-------- Data listing --------
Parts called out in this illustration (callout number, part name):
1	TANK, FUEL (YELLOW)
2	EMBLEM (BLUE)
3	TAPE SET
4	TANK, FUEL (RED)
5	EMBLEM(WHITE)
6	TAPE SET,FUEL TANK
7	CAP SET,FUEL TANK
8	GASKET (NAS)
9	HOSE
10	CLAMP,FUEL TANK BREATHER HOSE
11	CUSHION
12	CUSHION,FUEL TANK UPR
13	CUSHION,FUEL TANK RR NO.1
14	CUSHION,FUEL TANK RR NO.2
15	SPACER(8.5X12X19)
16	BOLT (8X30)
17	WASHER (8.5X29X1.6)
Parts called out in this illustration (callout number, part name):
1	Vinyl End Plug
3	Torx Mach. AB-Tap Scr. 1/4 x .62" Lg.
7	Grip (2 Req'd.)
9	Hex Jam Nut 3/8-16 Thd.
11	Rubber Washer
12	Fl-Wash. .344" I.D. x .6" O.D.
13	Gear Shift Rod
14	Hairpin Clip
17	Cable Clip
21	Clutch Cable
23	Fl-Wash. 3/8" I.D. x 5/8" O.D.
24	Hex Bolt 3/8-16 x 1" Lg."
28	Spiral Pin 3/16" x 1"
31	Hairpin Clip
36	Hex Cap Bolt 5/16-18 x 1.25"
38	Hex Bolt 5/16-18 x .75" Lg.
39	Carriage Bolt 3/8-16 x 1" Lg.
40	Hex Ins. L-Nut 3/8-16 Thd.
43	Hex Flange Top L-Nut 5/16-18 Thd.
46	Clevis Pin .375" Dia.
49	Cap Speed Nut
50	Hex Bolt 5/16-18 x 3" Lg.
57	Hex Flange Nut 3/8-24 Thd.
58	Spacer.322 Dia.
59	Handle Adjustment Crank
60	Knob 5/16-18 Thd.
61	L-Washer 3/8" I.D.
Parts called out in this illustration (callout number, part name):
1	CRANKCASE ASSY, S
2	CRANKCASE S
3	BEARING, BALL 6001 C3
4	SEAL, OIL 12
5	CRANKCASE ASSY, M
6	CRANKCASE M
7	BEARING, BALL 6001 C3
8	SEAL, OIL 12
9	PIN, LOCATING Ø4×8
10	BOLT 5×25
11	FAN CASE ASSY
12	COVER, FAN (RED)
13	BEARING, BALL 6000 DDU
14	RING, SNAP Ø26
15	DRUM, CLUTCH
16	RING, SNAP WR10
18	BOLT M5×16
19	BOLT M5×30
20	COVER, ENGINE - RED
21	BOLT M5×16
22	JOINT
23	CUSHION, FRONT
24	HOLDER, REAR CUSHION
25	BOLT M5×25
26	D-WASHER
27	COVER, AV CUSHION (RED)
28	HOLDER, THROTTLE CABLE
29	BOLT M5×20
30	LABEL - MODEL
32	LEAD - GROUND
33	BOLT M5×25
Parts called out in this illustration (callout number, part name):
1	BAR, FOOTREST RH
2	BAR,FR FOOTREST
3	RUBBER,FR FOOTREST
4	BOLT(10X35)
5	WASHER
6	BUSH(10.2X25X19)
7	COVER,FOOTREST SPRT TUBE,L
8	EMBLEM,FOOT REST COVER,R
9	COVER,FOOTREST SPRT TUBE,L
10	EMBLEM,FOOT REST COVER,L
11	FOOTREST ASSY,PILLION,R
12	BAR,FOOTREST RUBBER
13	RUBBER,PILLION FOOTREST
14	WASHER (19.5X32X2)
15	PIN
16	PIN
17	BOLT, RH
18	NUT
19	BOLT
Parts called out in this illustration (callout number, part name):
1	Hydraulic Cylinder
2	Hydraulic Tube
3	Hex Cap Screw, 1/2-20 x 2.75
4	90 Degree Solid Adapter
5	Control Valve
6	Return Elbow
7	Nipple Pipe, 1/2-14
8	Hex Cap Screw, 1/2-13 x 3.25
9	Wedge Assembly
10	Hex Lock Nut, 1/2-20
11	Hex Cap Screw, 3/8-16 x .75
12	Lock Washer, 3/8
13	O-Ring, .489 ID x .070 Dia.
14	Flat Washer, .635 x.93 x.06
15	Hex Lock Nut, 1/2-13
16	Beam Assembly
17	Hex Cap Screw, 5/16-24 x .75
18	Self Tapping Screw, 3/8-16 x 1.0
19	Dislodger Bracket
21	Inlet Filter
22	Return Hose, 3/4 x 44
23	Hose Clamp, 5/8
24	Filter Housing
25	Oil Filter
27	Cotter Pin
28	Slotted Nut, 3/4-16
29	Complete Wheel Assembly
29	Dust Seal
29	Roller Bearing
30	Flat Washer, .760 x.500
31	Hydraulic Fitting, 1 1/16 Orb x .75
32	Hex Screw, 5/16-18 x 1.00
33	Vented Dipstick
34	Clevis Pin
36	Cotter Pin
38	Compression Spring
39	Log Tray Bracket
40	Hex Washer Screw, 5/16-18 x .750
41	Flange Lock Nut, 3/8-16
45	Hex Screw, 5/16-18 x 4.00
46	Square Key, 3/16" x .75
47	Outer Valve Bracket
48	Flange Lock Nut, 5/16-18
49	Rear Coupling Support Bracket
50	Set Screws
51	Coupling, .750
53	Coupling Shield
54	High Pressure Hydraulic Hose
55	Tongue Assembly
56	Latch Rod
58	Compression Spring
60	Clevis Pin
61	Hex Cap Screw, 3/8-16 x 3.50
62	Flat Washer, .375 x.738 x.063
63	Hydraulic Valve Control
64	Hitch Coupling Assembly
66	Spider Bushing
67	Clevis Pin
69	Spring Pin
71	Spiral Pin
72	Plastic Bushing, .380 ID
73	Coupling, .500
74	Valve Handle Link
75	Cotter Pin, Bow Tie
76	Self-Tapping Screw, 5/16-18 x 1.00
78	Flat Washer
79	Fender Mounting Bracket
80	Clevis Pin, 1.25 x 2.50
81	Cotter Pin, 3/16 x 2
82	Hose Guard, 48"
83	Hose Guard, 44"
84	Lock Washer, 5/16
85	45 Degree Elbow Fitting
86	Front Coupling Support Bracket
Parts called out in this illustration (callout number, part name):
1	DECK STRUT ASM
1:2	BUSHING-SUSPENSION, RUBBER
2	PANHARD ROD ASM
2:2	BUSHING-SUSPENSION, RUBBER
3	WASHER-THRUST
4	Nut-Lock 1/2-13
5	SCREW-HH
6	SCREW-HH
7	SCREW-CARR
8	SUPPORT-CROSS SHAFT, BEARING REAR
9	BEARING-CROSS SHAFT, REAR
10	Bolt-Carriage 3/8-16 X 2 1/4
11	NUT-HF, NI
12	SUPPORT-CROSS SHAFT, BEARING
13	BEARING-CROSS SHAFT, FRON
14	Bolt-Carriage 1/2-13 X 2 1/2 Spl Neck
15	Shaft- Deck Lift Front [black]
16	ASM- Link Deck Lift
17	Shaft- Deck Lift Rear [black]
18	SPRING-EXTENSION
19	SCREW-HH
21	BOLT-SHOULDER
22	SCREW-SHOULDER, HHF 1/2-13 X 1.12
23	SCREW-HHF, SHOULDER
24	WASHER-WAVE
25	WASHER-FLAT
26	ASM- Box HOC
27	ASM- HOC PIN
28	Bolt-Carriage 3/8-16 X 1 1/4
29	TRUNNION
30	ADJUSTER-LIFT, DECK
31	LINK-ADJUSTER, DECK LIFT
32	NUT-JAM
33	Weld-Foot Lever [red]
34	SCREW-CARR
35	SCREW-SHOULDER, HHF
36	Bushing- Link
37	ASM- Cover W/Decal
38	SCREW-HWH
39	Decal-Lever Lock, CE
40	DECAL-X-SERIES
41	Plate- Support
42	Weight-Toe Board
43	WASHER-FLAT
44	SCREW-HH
--------
* [Your instructions]: In your answer, reproduce every entry exactly as it was written.

* [Written answer]:
Parts called out in this illustration (callout number, part name):
1	TANK, FUEL (YELLOW)
2	EMBLEM (BLUE)
3	TAPE SET
4	TANK, FUEL (RED)
5	EMBLEM(WHITE)
6	TAPE SET,FUEL TANK
7	CAP SET,FUEL TANK
8	GASKET (NAS)
9	HOSE
10	CLAMP,FUEL TANK BREATHER HOSE
11	CUSHION
12	CUSHION,FUEL TANK UPR
13	CUSHION,FUEL TANK RR NO.1
14	CUSHION,FUEL TANK RR NO.2
15	SPACER(8.5X12X19)
16	BOLT (8X30)
17	WASHER (8.5X29X1.6)
Parts called out in this illustration (callout number, part name):
1	Vinyl End Plug
3	Torx Mach. AB-Tap Scr. 1/4 x .62" Lg.
7	Grip (2 Req'd.)
9	Hex Jam Nut 3/8-16 Thd.
11	Rubber Washer
12	Fl-Wash. .344" I.D. x .6" O.D.
13	Gear Shift Rod
14	Hairpin Clip
17	Cable Clip
21	Clutch Cable
23	Fl-Wash. 3/8" I.D. x 5/8" O.D.
24	Hex Bolt 3/8-16 x 1" Lg."
28	Spiral Pin 3/16" x 1"
31	Hairpin Clip
36	Hex Cap Bolt 5/16-18 x 1.25"
38	Hex Bolt 5/16-18 x .75" Lg.
39	Carriage Bolt 3/8-16 x 1" Lg.
40	Hex Ins. L-Nut 3/8-16 Thd.
43	Hex Flange Top L-Nut 5/16-18 Thd.
46	Clevis Pin .375" Dia.
49	Cap Speed Nut
50	Hex Bolt 5/16-18 x 3" Lg.
57	Hex Flange Nut 3/8-24 Thd.
58	Spacer.322 Dia.
59	Handle Adjustment Crank
60	Knob 5/16-18 Thd.
61	L-Washer 3/8" I.D.
Parts called out in this illustration (callout number, part name):
1	CRANKCASE ASSY, S
2	CRANKCASE S
3	BEARING, BALL 6001 C3
4	SEAL, OIL 12
5	CRANKCASE ASSY, M
6	CRANKCASE M
7	BEARING, BALL 6001 C3
8	SEAL, OIL 12
9	PIN, LOCATING Ø4×8
10	BOLT 5×25
11	FAN CASE ASSY
12	COVER, FAN (RED)
13	BEARING, BALL 6000 DDU
14	RING, SNAP Ø26
15	DRUM, CLUTCH
16	RING, SNAP WR10
18	BOLT M5×16
19	BOLT M5×30
20	COVER, ENGINE - RED
21	BOLT M5×16
22	JOINT
23	CUSHION, FRONT
24	HOLDER, REAR CUSHION
25	BOLT M5×25
26	D-WASHER
27	COVER, AV CUSHION (RED)
28	HOLDER, THROTTLE CABLE
29	BOLT M5×20
30	LABEL - MODEL
32	LEAD - GROUND
33	BOLT M5×25
Parts called out in this illustration (callout number, part name):
1	BAR, FOOTREST RH
2	BAR,FR FOOTREST
3	RUBBER,FR FOOTREST
4	BOLT(10X35)
5	WASHER
6	BUSH(10.2X25X19)
7	COVER,FOOTREST SPRT TUBE,L
8	EMBLEM,FOOT REST COVER,R
9	COVER,FOOTREST SPRT TUBE,L
10	EMBLEM,FOOT REST COVER,L
11	FOOTREST ASSY,PILLION,R
12	BAR,FOOTREST RUBBER
13	RUBBER,PILLION FOOTREST
14	WASHER (19.5X32X2)
15	PIN
16	PIN
17	BOLT, RH
18	NUT
19	BOLT
Parts called out in this illustration (callout number, part name):
1	Hydraulic Cylinder
2	Hydraulic Tube
3	Hex Cap Screw, 1/2-20 x 2.75
4	90 Degree Solid Adapter
5	Control Valve
6	Return Elbow
7	Nipple Pipe, 1/2-14
8	Hex Cap Screw, 1/2-13 x 3.25
9	Wedge Assembly
10	Hex Lock Nut, 1/2-20
11	Hex Cap Screw, 3/8-16 x .75
12	Lock Washer, 3/8
13	O-Ring, .489 ID x .070 Dia.
14	Flat Washer, .635 x.93 x.06
15	Hex Lock Nut, 1/2-13
16	Beam Assembly
17	Hex Cap Screw, 5/16-24 x .75
18	Self Tapping Screw, 3/8-16 x 1.0
19	Dislodger Bracket
21	Inlet Filter
22	Return Hose, 3/4 x 44
23	Hose Clamp, 5/8
24	Filter Housing
25	Oil Filter
27	Cotter Pin
28	Slotted Nut, 3/4-16
29	Complete Wheel Assembly
29	Dust Seal
29	Roller Bearing
30	Flat Washer, .760 x.500
31	Hydraulic Fitting, 1 1/16 Orb x .75
32	Hex Screw, 5/16-18 x 1.00
33	Vented Dipstick
34	Clevis Pin
36	Cotter Pin
38	Compression Spring
39	Log Tray Bracket
40	Hex Washer Screw, 5/16-18 x .750
41	Flange Lock Nut, 3/8-16
45	Hex Screw, 5/16-18 x 4.00
46	Square Key, 3/16" x .75
47	Outer Valve Bracket
48	Flange Lock Nut, 5/16-18
49	Rear Coupling Support Bracket
50	Set Screws
51	Coupling, .750
53	Coupling Shield
54	High Pressure Hydraulic Hose
55	Tongue Assembly
56	Latch Rod
58	Compression Spring
60	Clevis Pin
61	Hex Cap Screw, 3/8-16 x 3.50
62	Flat Washer, .375 x.738 x.063
63	Hydraulic Valve Control
64	Hitch Coupling Assembly
66	Spider Bushing
67	Clevis Pin
69	Spring Pin
71	Spiral Pin
72	Plastic Bushing, .380 ID
73	Coupling, .500
74	Valve Handle Link
75	Cotter Pin, Bow Tie
76	Self-Tapping Screw, 5/16-18 x 1.00
78	Flat Washer
79	Fender Mounting Bracket
80	Clevis Pin, 1.25 x 2.50
81	Cotter Pin, 3/16 x 2
82	Hose Guard, 48"
83	Hose Guard, 44"
84	Lock Washer, 5/16
85	45 Degree Elbow Fitting
86	Front Coupling Support Bracket
Parts called out in this illustration (callout number, part name):
1	DECK STRUT ASM
1:2	BUSHING-SUSPENSION, RUBBER
2	PANHARD ROD ASM
2:2	BUSHING-SUSPENSION, RUBBER
3	WASHER-THRUST
4	Nut-Lock 1/2-13
5	SCREW-HH
6	SCREW-HH
7	SCREW-CARR
8	SUPPORT-CROSS SHAFT, BEARING REAR
9	BEARING-CROSS SHAFT, REAR
10	Bolt-Carriage 3/8-16 X 2 1/4
11	NUT-HF, NI
12	SUPPORT-CROSS SHAFT, BEARING
13	BEARING-CROSS SHAFT, FRON
14	Bolt-Carriage 1/2-13 X 2 1/2 Spl Neck
15	Shaft- Deck Lift Front [black]
16	ASM- Link Deck Lift
17	Shaft- Deck Lift Rear [black]
18	SPRING-EXTENSION
19	SCREW-HH
21	BOLT-SHOULDER
22	SCREW-SHOULDER, HHF 1/2-13 X 1.12
23	SCREW-HHF, SHOULDER
24	WASHER-WAVE
25	WASHER-FLAT
26	ASM- Box HOC
27	ASM- HOC PIN
28	Bolt-Carriage 3/8-16 X 1 1/4
29	TRUNNION
30	ADJUSTER-LIFT, DECK
31	LINK-ADJUSTER, DECK LIFT
32	NUT-JAM
33	Weld-Foot Lever [red]
34	SCREW-CARR
35	SCREW-SHOULDER, HHF
36	Bushing- Link
37	ASM- Cover W/Decal
38	SCREW-HWH
39	Decal-Lever Lock, CE
40	DECAL-X-SERIES
41	Plate- Support
42	Weight-Toe Board
43	WASHER-FLAT
44	SCREW-HH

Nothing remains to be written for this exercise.